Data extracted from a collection
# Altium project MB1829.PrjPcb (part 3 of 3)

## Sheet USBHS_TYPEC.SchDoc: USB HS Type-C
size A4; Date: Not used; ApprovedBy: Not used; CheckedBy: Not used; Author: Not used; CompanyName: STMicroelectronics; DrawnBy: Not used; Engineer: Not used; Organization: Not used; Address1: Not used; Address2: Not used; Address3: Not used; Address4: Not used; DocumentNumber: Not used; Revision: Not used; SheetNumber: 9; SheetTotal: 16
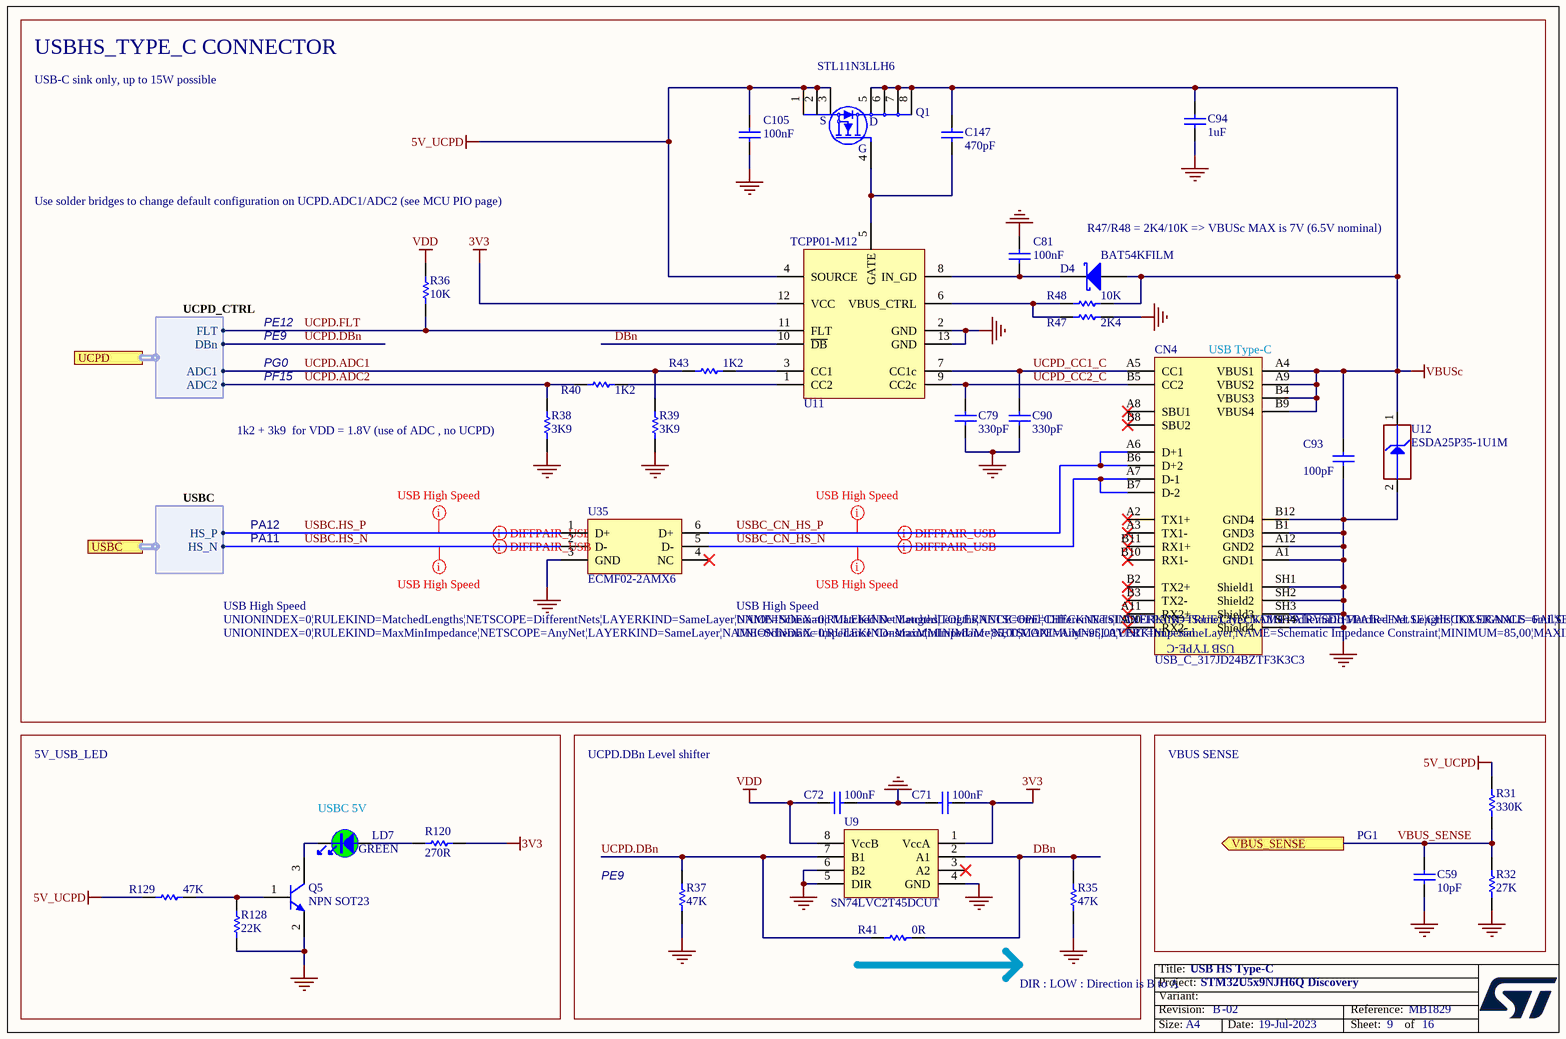
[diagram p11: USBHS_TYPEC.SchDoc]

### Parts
C59  value 10pF  [C0603]  (hidden comment: Capacitor)
C71  value 100nF  [C0402]  (hidden comment: Capacitor)
C72  value 100nF  [C0402]  (hidden comment: Capacitor)
C79  value 330pF  [C0402]  (hidden comment: Capacitor)
C81  value 100nF  [C0603]  (hidden comment: Capacitor)
C90  value 330pF  [C0402]  (hidden comment: Capacitor)
C93  value 100pF  [C0402]  (hidden comment: Capacitor)
C94  value 1uF  [C0402]  (hidden comment: Capacitor)
C105  value 100nF  [C0603]  (hidden comment: Capacitor)
C147  value 470pF  [C0402]  (hidden comment: Capacitor)
CN4  value USB_C_317JD24BZTF3K3C3  [CON_USB-TYPEC_COXOC_317JD24BZTF3K3C3]  (hidden comment: USB_TYPE_C_Receptacle_317JD24BZTF3K3C3)
D4  value BAT54KFILM  [DIO_SOD523_1A_2K]  (hidden comment: SCHOTTKY_1A_2K)
LD7  value GREEN  [LED_0603_OSRAM_LG-Q396-PS-35_GREEN_1A2K_H0P4]  (hidden comment: LED_green)
Q1  STL11N3LLH6  [MOS_POWERFLAT_3P3X3P3_P065]
Q5  value NPN SOT23  [NPN_SOT23]  (hidden comment: 9013-SOT23)
R31  value 330K  [R0603]  (hidden comment: Resistor)
R32  value 27K  [R0603]  (hidden comment: Resistor)
R35  value 47K  [R0603]  (hidden comment: Resistor)
R36  value 10K  [R0603]  (hidden comment: Resistor)
R37  value 47K  [R0603]  (hidden comment: Resistor)
R38  value 3K9  [R0402]  (hidden comment: Resistor)
R39  value 3K9  [R0402]  (hidden comment: Resistor)
R40  value 1K2  [R0402]  (hidden comment: Resistor)
R41  value 0R  [R0402]  (hidden comment: Resistor)
R43  value 1K2  [R0402]  (hidden comment: Resistor)
R47  value 2K4  [R0402]  (hidden comment: Resistor)
R48  value 10K  [R0402]  (hidden comment: Resistor)
R120  value 270R  [R0402]  (hidden comment: Resistor)
R128  value 22K  [R0603]  (hidden comment: Resistor)
R129  value 47K  [R0603]  (hidden comment: Resistor)
U9  SN74LVC2T45DCUT  [ICC_VSSOP8_DCU_R-PDSO-G8_2X2P30_P050]
U11  TCPP01-M12  [ICC_QFN12L-EPAD_3X3_P050]
U12  value ESDA25P35-1U1M  [ESD_QFN1610_2N_1K_2A]  (hidden comment: ESD-TRANSIL)
U35  ECMF02-2AMX6  [ESD_QFN-6L_1P7X1P5_P050]

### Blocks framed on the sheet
USBHS_TYPE_C CONNECTOR: C79 C81 C90 C93 C94 C105 C147 CN4 D4 Q1 R36 R38-R40 R43 R47 R48 U11 U12 U35

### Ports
UCPD (harness UCPD_CTRL), USBC (harness USBC), VBUS_SENSE (out)

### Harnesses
USBC: HS_P, HS_N
UCPD_CTRL: FLT, DBn, ADC1, ADC2

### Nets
3V3: C71.2 R120.2 U9.1(VccA) U11.12(VCC)
5V_UCPD: C105.1 Q1.1(S) Q1.2(S) Q1.3(S) R31.2 R129.1 U11.4(SOURCE)
GND: C59.1 C71.1 C72.2 C79.1 C81.1 C90.1 C93.1 C94.1 C105.2 CN4.A1(GND1) CN4.A12(GND2) CN4.B1(GND3) CN4.B12(GND4) CN4.SH1(Shield1) CN4.SH2(Shield2) CN4.SH3(Shield3) CN4.SH4(Shield4) Q5.2(E) R32.1 R35.1 R37.2 R38.1 R39.1 R47.2 R128.1 U9.4(GND) U9.5(DIR) U9.6(B2) U11.2(GND) U11.13(GND) U12.2(GND) U35.3(GND)
VBUSc: C93.2 C94.2 C147.2 CN4.A4(VBUS1) CN4.A9(VBUS2) CN4.B4(VBUS3) CN4.B9(VBUS4) D4.1(A) Q1.5(D) Q1.6(D) Q1.7(D) Q1.8(D) R48.2 U12.1(IO1)
VDD: C72.1 R36.2 U9.8(VccB)
DBn: R35.2 R41.2 U9.2(A1) U11.10(~{DB})
UCPD.ADC1: R39.2 R43.1 ; port UCPD.ADC1
UCPD.ADC2: R38.2 R40.1 ; port UCPD.ADC2
UCPD.DBn: R37.1 R41.1 U9.7(B1) ; port UCPD.DBn
UCPD.FLT: R36.1 U11.11(FLT) ; port UCPD.FLT
UCPD_CC1_C: C90.2 CN4.A5(CC1) U11.7(CC1c)
UCPD_CC2_C: C79.2 CN4.B5(CC2) U11.9(CC2c)
USBC.HS_N: U35.2(D-) ; port USBC.HS_N
USBC.HS_P: U35.1(D+) ; port USBC.HS_P
USBC_CN_HS_N: CN4.A7(D-1) CN4.B7(D-2) U35.5(D-)
USBC_CN_HS_P: CN4.A6(D+1) CN4.B6(D+2) U35.6(D+)
VBUS_SENSE: C59.2 R31.1 R32.2 ; port VBUS_SENSE
NetC81_2: C81.2 D4.2(K) U11.8(IN_GD)
NetC147_1: C147.1 Q1.4(G) U11.5(GATE)
NetLD7_1: LD7.1 R120.1
NetLD7_2: LD7.2 Q5.3(C)
NetQ5_1: Q5.1(B) R128.2 R129.2
NetR40_2: R40.2 U11.1(CC2)
NetR43_2: R43.2 U11.3(CC1)
NetR47_1: R47.1 R48.1 U11.6(VBUS_CTRL)

Not connected (* = marked no-connect by the designer): CN4 A2(TX1+)* A3(TX1-)* A8(SBU1)* A10(RX2-)* A11(RX2+)* B2(TX2+)* B3(TX2-)* B8(SBU2)* B10(RX1-)* B11(RX1+)*; U9 3(A2)*; U35 4(NC)*

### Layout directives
differential pair; rule Impedance Constraint [Min = 85.00    Max = 95.00    ]: USBC.HS_N, USBC.HS_P, USBC_CN_HS_N, USBC_CN_HS_P
rule Matched Net Lengths [Tolerance = 6mil]; rule Routing Layers [TopLayer - Enabled BottomLayer - Disabled]; rule Impedance Constraint [Min = 85.00    Max = 95.00    ]; net class USB High Speed: USBC.HS_P, USBC_CN_HS_P
rule Matched Net Lengths [Tolerance = 0mil]; rule Routing Layers [TopLayer - Enabled BottomLayer - Disabled]; rule Impedance Constraint [Min = 85.00    Max = 95.00    ]; net class USB High Speed: USBC.HS_N, USBC_CN_HS_N

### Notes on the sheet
- USB-C sink only, up to 15W possible
- Use solder bridges to change default configuration on UCPD.ADC1/ADC2 (see MCU PIO page)
- (near D4) R47/R48 = 2K4/10K => VBUSc MAX is 7V (6.5V nominal)
- PG0
- PF15
- PE12
- PE9
- (near CN4) USB Type-C
- (near R38) 1k2 + 3k9  for VDD = 1.8V (use of ADC , no UCPD)
- PA12
- PA11
- 5V_USB_LED
- UCPD.DBn Level shifter
- VBUS SENSE
- (near LD7) USBC 5V
- PG1
- (near R41) DIR : LOW : Direction is B to A

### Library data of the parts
C59 = MCD-00637: Capacitor, MLCC, 10pF, 50V, NPO, +/-5%, 0603, T=0.8mm; Manufacturer_Part_Number: CC0603JRNPO9BN100; Manufacturer: YAGEO; Part_Preference: Recommended; Order_Code_RS: 616-9054; Component_Country_Of_Origin: China
C71 C72 = MCD-00006: Capacitor, MLCC, 100nF, 16V, X7R, +/-10%, 0402, T=0.5mm; Manufacturer_Part_Number: CC0402KRX7R7BB104; Manufacturer: YAGEO; Part_Preference: Recommended; Order_Code_RS: 616-9701; Component_Country_Of_Origin: China
C79 C90 = MCD-01579: Capacitor, MLCC, 330pF, 50V, NPO, +/-5%, 0402, T=0.5mm; Manufacturer: YAGEO; Manufacturer_Part_Number: CC0402JRNPO9BN331; Part_Preference: Recommended; Component_Country_Of_Origin: China
C81 C105 = MCD-01099: Capacitor, MLCC, 100nF, 50V, X7R, +/-10%, 0603, T=0.8mm; Manufacturer_Part_Number: CC0603KRX7R9BB104; Manufacturer: YAGEO; BMS_Part_Number: 9142278; Part_Preference: Recommended; Order_Code_RS: 669-8767; Component_Country_Of_Origin: China
C93 = MCD-00205: Capacitor, MLCC, 100pF, 50V, NPO, +/-5%, 0402, T=0.5mm; Part_Preference: Recommended; Manufacturer: YAGEO; Manufacturer_Part_Number: CC0402JRNPO9BN101; Component_Country_Of_Origin: China
C94 = MCD-02609: Capacitor, MLCC, 1uF, 25V, X5R, +/-10%, 0402, T=0.5mm; Part_Preference: Recommended; Manufacturer: YAGEO; Manufacturer_Part_Number: CC0402KRX5R8BB105
C147 = MCD-00724: Capacitor, MLCC, 470pF, 50V, NPO, +/-5%, 0402, T=0.5mm; Part_Preference: Recommended; Manufacturer: YAGEO; Manufacturer_Part_Number: CC0402JRNPO9BN471; Order_Code_RS: 199-2186; Component_Country_Of_Origin: China
CN4 = MCD-01108: USB_TypeC, SMD+DIP, T= 2.96mm (for 1.6mm pcb); Part_Type: Connector; Manufacturer: CHANT SINCERE (COXOC); Part_Preference: Recommended; Component_Country_Of_Origin: Unknown
D4 = MCD-01677: Small signal Schottky diodes; Part_Type: Diode; Manufacturer: STMICROELECTRONICS; BMS_Part_Number: 9151123; Part_Preference: Recommended; Manufacturer_HQ_COO: EU; Component_Country_Of_Origin: China
LD7 = MCD-00588: LED Green, 0603 SMD, Forward Voltage Typ=2V, Max=2.5V; Part_Type: Display; Manufacturer_Part_Number: LG Q396-PS-35; Manufacturer: OSRAM OPTO SEMICONDUCTORS; Part_Preference: Recommended; Alternate_Internal_Part_Number: MCD-02400; Component_Country_Of_Origin: Unknown; ShowFields: YES; ID: 3155
Q1 = MCD-01810: N-channel 30 V, 6 mΩ typ, 11 A STripFET™ H6, Power MOSFET in a PowerFLAT™ 3.3x3.3 package; BMS_Part_Number: 9153561; Part_Type: IC; Part_Preference: Recommended; Manufacturer: STMICROELECTRONICS; Manufacturer_HQ_COO: EU; Component_Country_Of_Origin: China
Q5 = MCD-00073: NPN Bipolar Transistor; Part_Type: IC; Manufacturer_Part_Number: BSR14; Manufacturer: ON SEMICONDUCTOR; Part_Preference: Recommended; Component_Country_Of_Origin: Unknown
R31 = MCD-00458: Resistor, 330K, 0603, +/-1%, 1/10W; Manufacturer_Part_Number: RC0603FR-07330KL; Manufacturer: YAGEO; Part_Preference: Recommended; Component_Country_Of_Origin: China
R32 = MCD-00444: Resistor, 27K, 0603, +/-1%, 1/10W; Manufacturer_Part_Number: RC0603FR-0727KL; Manufacturer: YAGEO; Part_Preference: Recommended; Component_Country_Of_Origin: China
R35 = MCD-00222: Resistor, 47K, 0603, 1%, 1/10W; Part_Preference: Recommended; Manufacturer: YAGEO; Manufacturer_Part_Number: RC0603FR-0747KL; Component_Country_Of_Origin: China
R36 = MCD-00220: Resistor, 10K, 0603, +/-1%, 1/10W; Manufacturer_Part_Number: RC0603FR-0710KL; Manufacturer: YAGEO; Part_Preference: Recommended; Component_Country_Of_Origin: China
R37 R129 = MCD-00222: Resistor, 47K, 0603, 1%, 1/10W; Manufacturer_Part_Number: RC0603FR-0747KL; Manufacturer: YAGEO; Part_Preference: Recommended; Component_Country_Of_Origin: China
R38 R39 = MCD-02455: Resistor, 3K9, 0402, +/-1%, 1/16W, +/-100ppm/°C; Part_Preference: Recommended; Manufacturer: YAGEO; Manufacturer_Part_Number: RC0402FR-073K9L; Order_Code_RS: 198-7783; Component_Country_Of_Origin: China
R40 R43 = MCD-00373: Resistor, 1K2, 0402, +/-1%, 1/16W; Part_Preference: Recommended; Manufacturer: YAGEO; Manufacturer_Part_Number: RC0402FR-071K2L; Component_Country_Of_Origin: China
R41 = MCD-00052: Resistor, 0R, 0402, +/-5%, 1/16W; Manufacturer_Part_Number: RC0402JR-070RL; Manufacturer: YAGEO; Part_Preference: Recommended; Order_Code_RS: 618-5804; Component_Country_Of_Origin: China
R47 = MCD-00433: Resistor, 2K4, 0402, +/-1%, 1/16W; Part_Preference: Recommended; Manufacturer: YAGEO; Manufacturer_Part_Number: RC0402FR-072K4L; Component_Country_Of_Origin: China
R48 = MCD-00053: Resistor, 10K, 0402, +/-1%, 1/16W; BMS_Part_Number: 9131590; Part_Preference: Recommended; Manufacturer: YAGEO; Manufacturer_Part_Number: RC0402FR-0710KL; Component_Country_Of_Origin: China
R120 = MCD-00441: Resistor, 270R, 0402, +/-1%, 1/16W; Manufacturer: YAGEO; Manufacturer_Part_Number: RC0402FR-07270RL; Part_Preference: Recommended; Component_Country_Of_Origin: China; ShowFields: YES; ID: 2838
R128 = MCD-00430: Resistor, 22K, 0603, +/-1%, 1/10W; Manufacturer_Part_Number: RC0603FR-0722KL; Manufacturer: YAGEO; Part_Preference: Recommended; Component_Country_Of_Origin: China
U9 = MCD-00264: Dual bit dual supply bus transceiver; Part_Type: IC; Manufacturer: TEXAS INSTRUMENTS; BMS_Part_Number: 9169311; Part_Preference: Recommended; Component_Country_Of_Origin: Thailand
U11 = MCD-01809: USB Type-C Port Protection for USB Power Delivery, PPS compliant; Part_Type: IC; Manufacturer: STMICROELECTRONICS; BMS_Part_Number: 9151145; Part_Preference: Recommended; Manufacturer_HQ_COO: EU; Component_Country_Of_Origin: Malaysia
U12 = MCD-01207: High power Transient voltage suppressor:25V/35A EOS and ESD transients protection.; Part_Type: Diode; Manufacturer: STMICROELECTRONICS; BMS_Part_Number: 9179045; Part_Preference: Recommended; Manufacturer_HQ_COO: EU; Component_Country_Of_Origin: China
U35 = MCD-00649: Common mode filter with ESD protection for USB 2.0 interface; Part_Type: Diode; Manufacturer: STMICROELECTRONICS; BMS_Part_Number: 9151138; Part_Preference: Recommended; Manufacturer_HQ_COO: EU; Component_Country_Of_Origin: China

## Sheet eMMC.SchDoc: eMMC
size A4; Date: Not used; ApprovedBy: Not used; CheckedBy: Not used; Author: Not used; CompanyName: STMicroelectronics; DrawnBy: Not used; Engineer: Not used; Organization: Not used; Address1: Not used; Address2: Not used; Address3: Not used; Address4: Not used; DocumentNumber: Not used; Revision: Not used; SheetNumber: 8; SheetTotal: 16
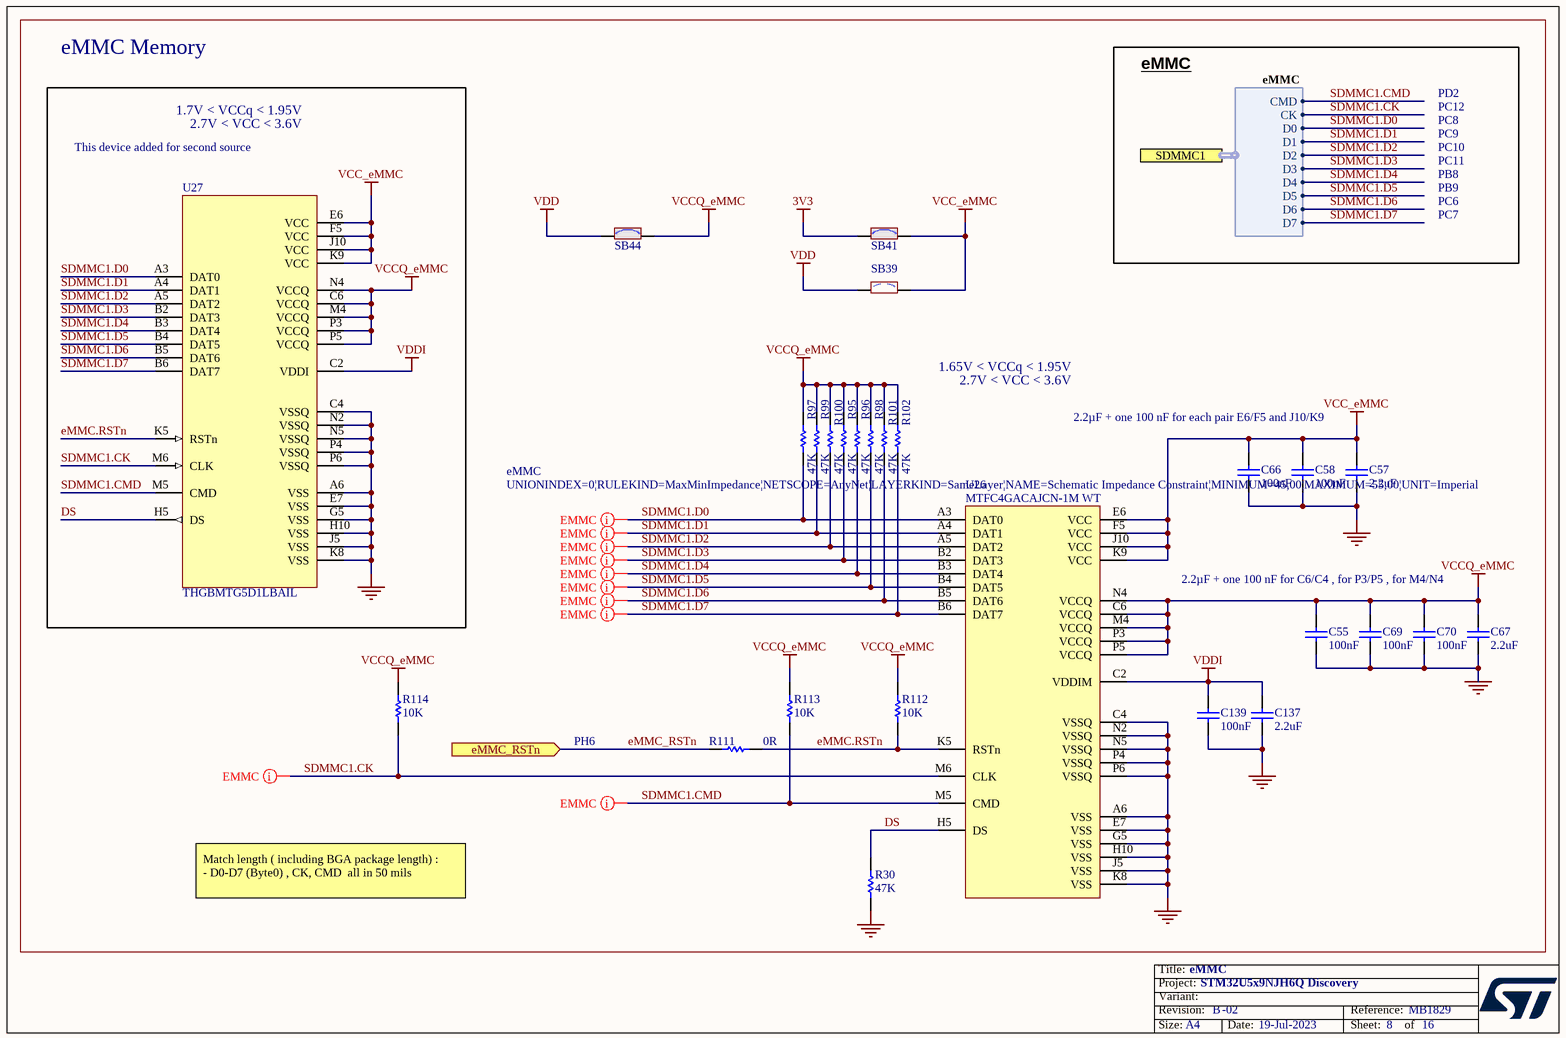
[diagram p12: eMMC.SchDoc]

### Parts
C55  value 100nF  [C0402]  (hidden comment: Capacitor)
C57  value 2.2uF  [C0603]  (hidden comment: Capacitor)
C58  value 100nF  [C0402]  (hidden comment: Capacitor)
C66  value 100nF  [C0402]  (hidden comment: Capacitor)
C67  value 2.2uF  [C0603]  (hidden comment: Capacitor)
C69  value 100nF  [C0402]  (hidden comment: Capacitor)
C70  value 100nF  [C0402]  (hidden comment: Capacitor)
C137  value 2.2uF  [C0603]  (hidden comment: Capacitor)
C139  value 100nF  [C0402]  (hidden comment: Capacitor)
R30  value 47K  [R0402]  (hidden comment: Resistor)
R95  value 47K  [R0402]  (hidden comment: Resistor)
R96  value 47K  [R0402]  (hidden comment: Resistor)
R97  value 47K  [R0402]  (hidden comment: Resistor)
R98  value 47K  [R0402]  (hidden comment: Resistor)
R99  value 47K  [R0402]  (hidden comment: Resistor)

◆ What the task requires
Which lines hold the word "Organization"? Return all of them from the records above.

◆ Solution to the exercise
size A4; Date: Not used; ApprovedBy: Not used; CheckedBy: Not used; Author: Not used; CompanyName: STMicroelectronics; DrawnBy: Not used; Engineer: Not used; Organization: Not used; Address1: Not used; Address2: Not used; Address3: Not used; Address4: Not used; DocumentNumber: Not used; Revision: Not used; SheetNumber: 9; SheetTotal: 16
size A4; Date: Not used; ApprovedBy: Not used; CheckedBy: Not used; Author: Not used; CompanyName: STMicroelectronics; DrawnBy: Not used; Engineer: Not used; Organization: Not used; Address1: Not used; Address2: Not used; Address3: Not used; Address4: Not used; DocumentNumber: Not used; Revision: Not used; SheetNumber: 8; SheetTotal: 16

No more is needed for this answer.